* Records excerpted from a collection
····················

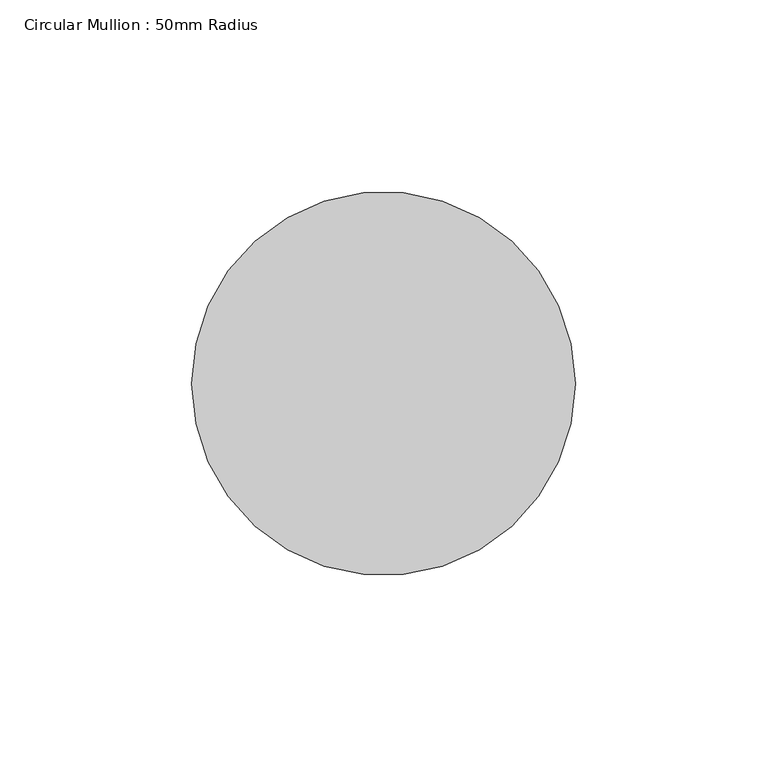
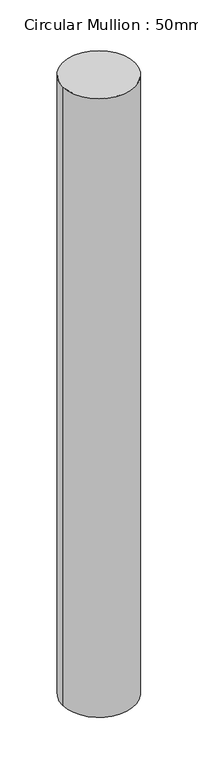
"""IFC4 building model written with IfcOpenShell, lengths in millimetres: member geometry, Circular Mullion : 50mm Radius."""

from ifc_helpers import new_model, si_unit, point, frame, origin, origin_2d, place, context, project, spatial, circle_curve, trimmed, segment, composite_curve, outline, extrude, source, transform, mapped, element, save


def circular_mullion_50mm_radius_a5acfd35(model_context):
    return source(origin(), model_context, "Body", "SweptSolid", [
        extrude(outline(composite_curve([segment(trimmed(circle_curve(origin_2d(), 50.0), [point((50.0, 0.0))], [point((-50.0, 0.0))], False, "CARTESIAN"), True, "CONTINUOUS"), segment(trimmed(circle_curve(origin_2d(), 50.0), [point((-50.0, 0.0))], [point((50.0, 0.0))], False, "CARTESIAN"), True, "CONTINUOUS")], self_intersect=False)), frame((0.0, 0.0, -902.1770932), z_axis=(0.0, 0.0, 1.0), x_axis=(1.0, 0.0, 0.0)), (0.0, 0.0, 1.0), 902.1770932),
    ])


if __name__ == "__main__":
    model = new_model("IFC4")
    model_context = context("Model", 3, world=origin())
    ifc_project = project(units=[si_unit("LENGTHUNIT", "METRE", prefix="MILLI")], contexts=[model_context])
    site = spatial("IfcSite", under=ifc_project)
    building = spatial("IfcBuilding", under=site)
    placement = place(None, origin())
    circular_mullion_50mm_radius_shape = circular_mullion_50mm_radius_a5acfd35(model_context)
    element("IfcMember", 1, ObjectType="Circular Mullion : 50mm Radius", at=placement, inside=building, context=model_context, shape_type="MappedRepresentation", body=[
        mapped(circular_mullion_50mm_radius_shape, transform((0.0, 0.0, 0.0), x_axis=(1.0, 0.0, 0.0), y_axis=(0.0, 1.0, 0.0), z_axis=(0.0, 0.0, 1.0))),
    ])
    save(model, "model.ifc")

# Revit data of these elements
# Type "Circular Mullion : 50mm Radius"
#   built-in parameter 1007350 = 0.164042 (stored number, unit not read)
# Element 1 (IfcMember, "Circular Mullion : 50mm Radius")
#   Materials on its faces: "Aluminium"
# Materials
#   "Aluminium": class "Metal", colour RGB 247 247 247, transparency 0, Description = "Aluminium 6061", Cost = 0
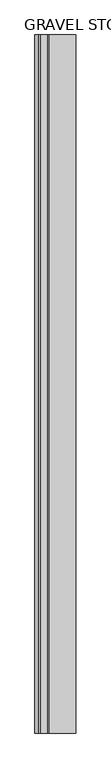
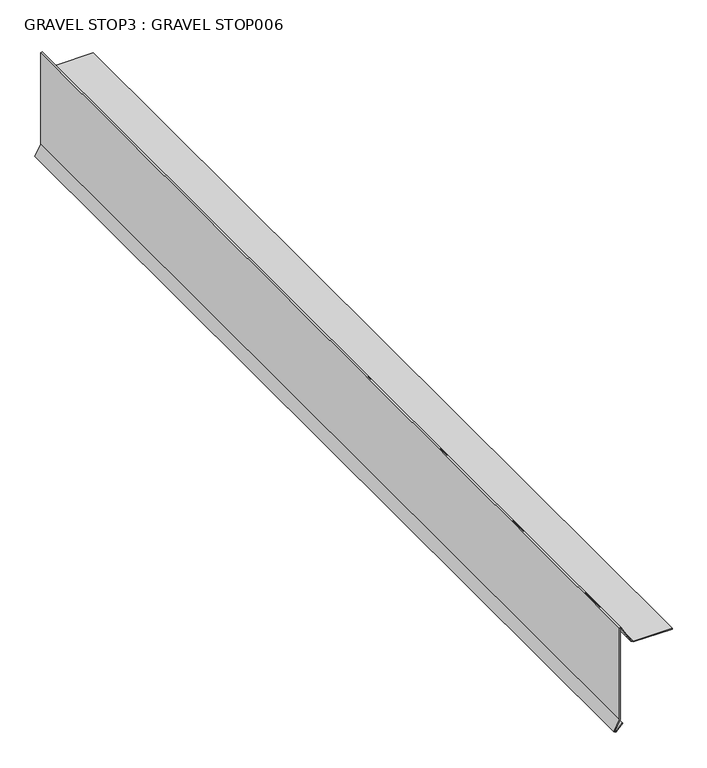
"""IFC4 building model written with IfcOpenShell, lengths in millimetres: proxy geometry, GRAVEL STOP3 : GRAVEL STOP006."""

from ifc_helpers import new_model, si_unit, frame, origin, place, context, project, spatial, polyline, outline, extrude, source, transform, mapped, element, save


def gravel_stop3_gravel_stop006_072a6e35(model_context):
    return source(origin(), model_context, "Body", "SweptSolid", [
        extrude(outline(polyline([(40077.410403, -2814.9855343), (40091.8049, -2800.5910374), (40092.8027062, -2801.5888435), (40079.2807815, -2815.1107682), (40080.9054201, -2817.2404183), (40101.495749, -2805.9993985), (40293.447969, -2805.9993985), (40293.699878, -2805.0592614), (40258.5078708, -2784.7411466), (40255.9633674, -2780.3339375), (40255.9633674, -2702.4979247), (40257.3744784, -2702.4979247), (40257.3744784, -2779.9558314), (40259.5408757, -2783.7081416), (40295.3431515, -2804.3785952), (40294.5307525, -2807.4105095), (40101.8558531, -2807.4105095), (40080.5182783, -2819.0594785), (40077.410403, -2814.9855343)])), frame((0.0, 999.75, 0.0), z_axis=(0.0, 1.0, 0.0), x_axis=(0.0, 0.0, 1.0)), (0.0, 0.0, 1.0), 2000.25),
    ])


if __name__ == "__main__":
    model = new_model("IFC4")
    model_context = context("Model", 3, world=origin())
    ifc_project = project(units=[si_unit("LENGTHUNIT", "METRE", prefix="MILLI")], contexts=[model_context])
    site = spatial("IfcSite", under=ifc_project)
    building = spatial("IfcBuilding", under=site)
    placement = place(None, origin())
    gravel_stop3_gravel_stop006_shape = gravel_stop3_gravel_stop006_072a6e35(model_context)
    element("IfcBuildingElementProxy", 1, Name="GRAVEL STOP3 : GRAVEL STOP006", ObjectType="GRAVEL STOP3 : GRAVEL STOP006", at=placement, inside=building, context=model_context, shape_type="MappedRepresentation", body=[
        mapped(gravel_stop3_gravel_stop006_shape, transform((0.0, 0.0, 0.0), x_axis=(1.0, 0.0, 0.0), y_axis=(0.0, 1.0, 0.0), z_axis=(0.0, 0.0, 1.0))),
    ])
    save(model, "model.ifc")

# Revit data of these elements
# Type "GRAVEL STOP3 : GRAVEL STOP006"
#   NameOverride = "GRAVEL STOP006"
# Element 1 (IfcBuildingElementProxy, "GRAVEL STOP3 : GRAVEL STOP006")
#   Materials on its faces: "GRAVEL STOP REQUIRED WITH GRAVEL SURFACE SYSTEMS"
# Materials
#   "GRAVEL STOP REQUIRED WITH GRAVEL SURFACE SYSTEMS": class "Unassigned", colour RGB 170 170 127, transparency 0, Cost = 0

····················

* Exercise objective
All of the records above are to be printed exactly, with every picture omitted.

* Answer to the problem
"""IFC4 building model written with IfcOpenShell, lengths in millimetres: member geometry, Circular Mullion : 50mm Radius."""

from ifc_helpers import new_model, si_unit, point, frame, origin, origin_2d, place, context, project, spatial, circle_curve, trimmed, segment, composite_curve, outline, extrude, source, transform, mapped, element, save


def circular_mullion_50mm_radius_a5acfd35(model_context):
    return source(origin(), model_context, "Body", "SweptSolid", [
        extrude(outline(composite_curve([segment(trimmed(circle_curve(origin_2d(), 50.0), [point((50.0, 0.0))], [point((-50.0, 0.0))], False, "CARTESIAN"), True, "CONTINUOUS"), segment(trimmed(circle_curve(origin_2d(), 50.0), [point((-50.0, 0.0))], [point((50.0, 0.0))], False, "CARTESIAN"), True, "CONTINUOUS")], self_intersect=False)), frame((0.0, 0.0, -902.1770932), z_axis=(0.0, 0.0, 1.0), x_axis=(1.0, 0.0, 0.0)), (0.0, 0.0, 1.0), 902.1770932),
    ])


if __name__ == "__main__":
    model = new_model("IFC4")
    model_context = context("Model", 3, world=origin())
    ifc_project = project(units=[si_unit("LENGTHUNIT", "METRE", prefix="MILLI")], contexts=[model_context])
    site = spatial("IfcSite", under=ifc_project)
    building = spatial("IfcBuilding", under=site)
    placement = place(None, origin())
    circular_mullion_50mm_radius_shape = circular_mullion_50mm_radius_a5acfd35(model_context)
    element("IfcMember", 1, ObjectType="Circular Mullion : 50mm Radius", at=placement, inside=building, context=model_context, shape_type="MappedRepresentation", body=[
        mapped(circular_mullion_50mm_radius_shape, transform((0.0, 0.0, 0.0), x_axis=(1.0, 0.0, 0.0), y_axis=(0.0, 1.0, 0.0), z_axis=(0.0, 0.0, 1.0))),
    ])
    save(model, "model.ifc")

# Revit data of these elements
# Type "Circular Mullion : 50mm Radius"
#   built-in parameter 1007350 = 0.164042 (stored number, unit not read)
# Element 1 (IfcMember, "Circular Mullion : 50mm Radius")
#   Materials on its faces: "Aluminium"
# Materials
#   "Aluminium": class "Metal", colour RGB 247 247 247, transparency 0, Description = "Aluminium 6061", Cost = 0
"""IFC4 building model written with IfcOpenShell, lengths in millimetres: proxy geometry, GRAVEL STOP3 : GRAVEL STOP006."""

from ifc_helpers import new_model, si_unit, frame, origin, place, context, project, spatial, polyline, outline, extrude, source, transform, mapped, element, save


def gravel_stop3_gravel_stop006_072a6e35(model_context):
    return source(origin(), model_context, "Body", "SweptSolid", [
        extrude(outline(polyline([(40077.410403, -2814.9855343), (40091.8049, -2800.5910374), (40092.8027062, -2801.5888435), (40079.2807815, -2815.1107682), (40080.9054201, -2817.2404183), (40101.495749, -2805.9993985), (40293.447969, -2805.9993985), (40293.699878, -2805.0592614), (40258.5078708, -2784.7411466), (40255.9633674, -2780.3339375), (40255.9633674, -2702.4979247), (40257.3744784, -2702.4979247), (40257.3744784, -2779.9558314), (40259.5408757, -2783.7081416), (40295.3431515, -2804.3785952), (40294.5307525, -2807.4105095), (40101.8558531, -2807.4105095), (40080.5182783, -2819.0594785), (40077.410403, -2814.9855343)])), frame((0.0, 999.75, 0.0), z_axis=(0.0, 1.0, 0.0), x_axis=(0.0, 0.0, 1.0)), (0.0, 0.0, 1.0), 2000.25),
    ])


if __name__ == "__main__":
    model = new_model("IFC4")
    model_context = context("Model", 3, world=origin())
    ifc_project = project(units=[si_unit("LENGTHUNIT", "METRE", prefix="MILLI")], contexts=[model_context])
    site = spatial("IfcSite", under=ifc_project)
    building = spatial("IfcBuilding", under=site)
    placement = place(None, origin())
    gravel_stop3_gravel_stop006_shape = gravel_stop3_gravel_stop006_072a6e35(model_context)
    element("IfcBuildingElementProxy", 1, Name="GRAVEL STOP3 : GRAVEL STOP006", ObjectType="GRAVEL STOP3 : GRAVEL STOP006", at=placement, inside=building, context=model_context, shape_type="MappedRepresentation", body=[
        mapped(gravel_stop3_gravel_stop006_shape, transform((0.0, 0.0, 0.0), x_axis=(1.0, 0.0, 0.0), y_axis=(0.0, 1.0, 0.0), z_axis=(0.0, 0.0, 1.0))),
    ])
    save(model, "model.ifc")

# Revit data of these elements
# Type "GRAVEL STOP3 : GRAVEL STOP006"
#   NameOverride = "GRAVEL STOP006"
# Element 1 (IfcBuildingElementProxy, "GRAVEL STOP3 : GRAVEL STOP006")
#   Materials on its faces: "GRAVEL STOP REQUIRED WITH GRAVEL SURFACE SYSTEMS"
# Materials
#   "GRAVEL STOP REQUIRED WITH GRAVEL SURFACE SYSTEMS": class "Unassigned", colour RGB 170 170 127, transparency 0, Cost = 0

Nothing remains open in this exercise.